Dataset records

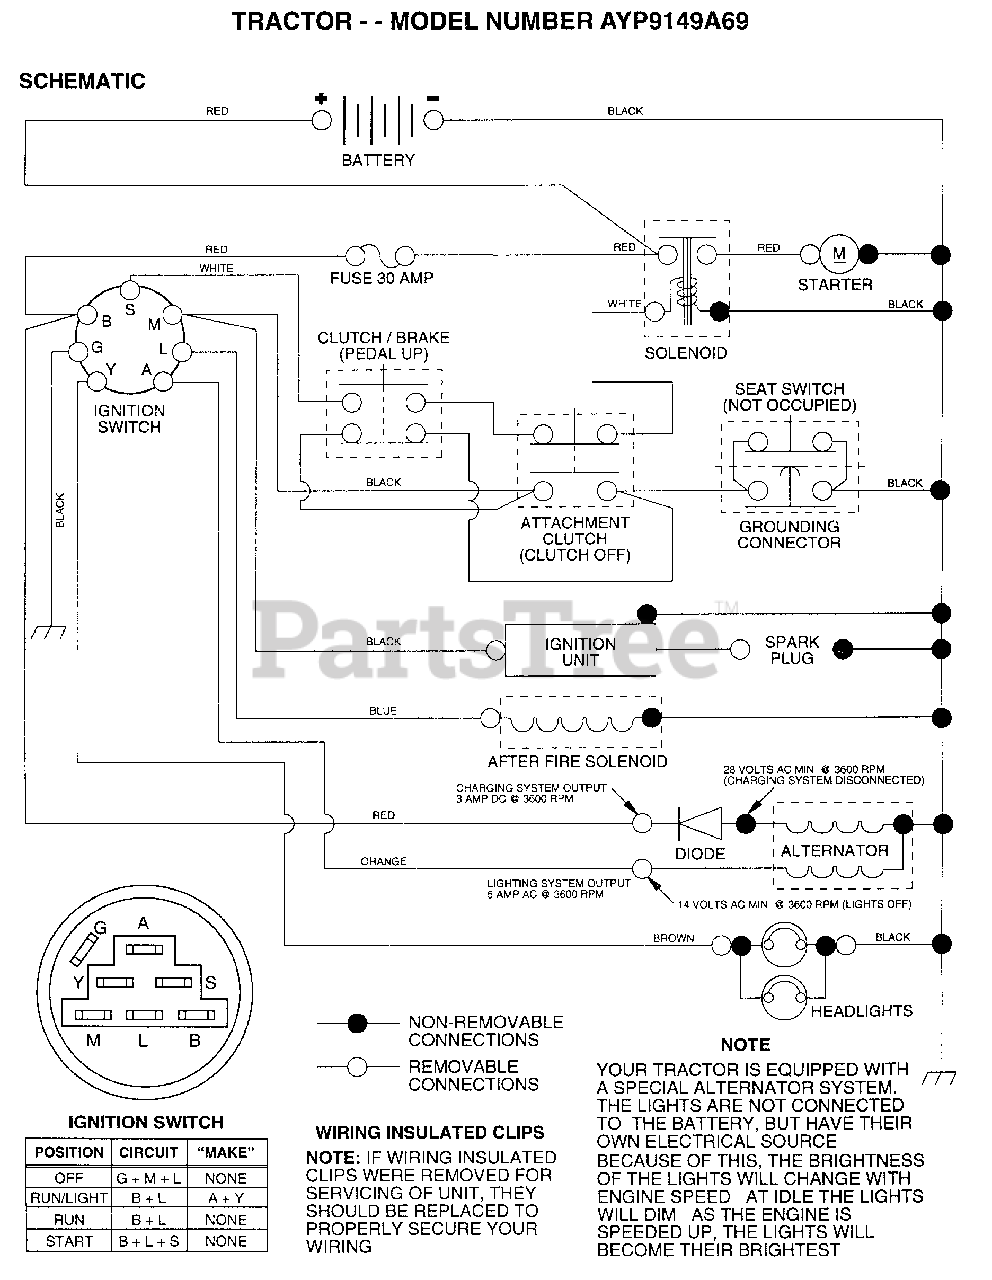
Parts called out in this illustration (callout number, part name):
2	BOLT LT
3	WASHER
4	LOCKWASHER
7	TUBE T
9	HOSE CLAMP T
15	FASTNER.SNAP-IN
20	NUT
21	"HARNESS,LIGHT SOC"
22	HEADLAMP BULB
24	"CABLE T, BATTERY"
25	CABLE.BTRY.6GA.RD
26	FUSE HYT
28	CABLE T
29	SWITCH SEAT
30	SWITCH IGN 4POS
31	NUT IGNITION
32	COVER KEY SWITCH
33	KEY
35	BRACKET LT
36	SCREW
38	BRACKET SWITCH IN
39	SWITCH INTERLOCKT
41	BOLT HXHD FIN
44	NUT HXKEP 1/4X20
48	ADAPTER AMMETER
52	PROTECTION LOOP
70	HARNESS ENGINE

What is being asked
Search the entries above for the string "CABLE". Copy each line that holds it.

Answer below
24	"CABLE T, BATTERY"
25	CABLE.BTRY.6GA.RD
28	CABLE T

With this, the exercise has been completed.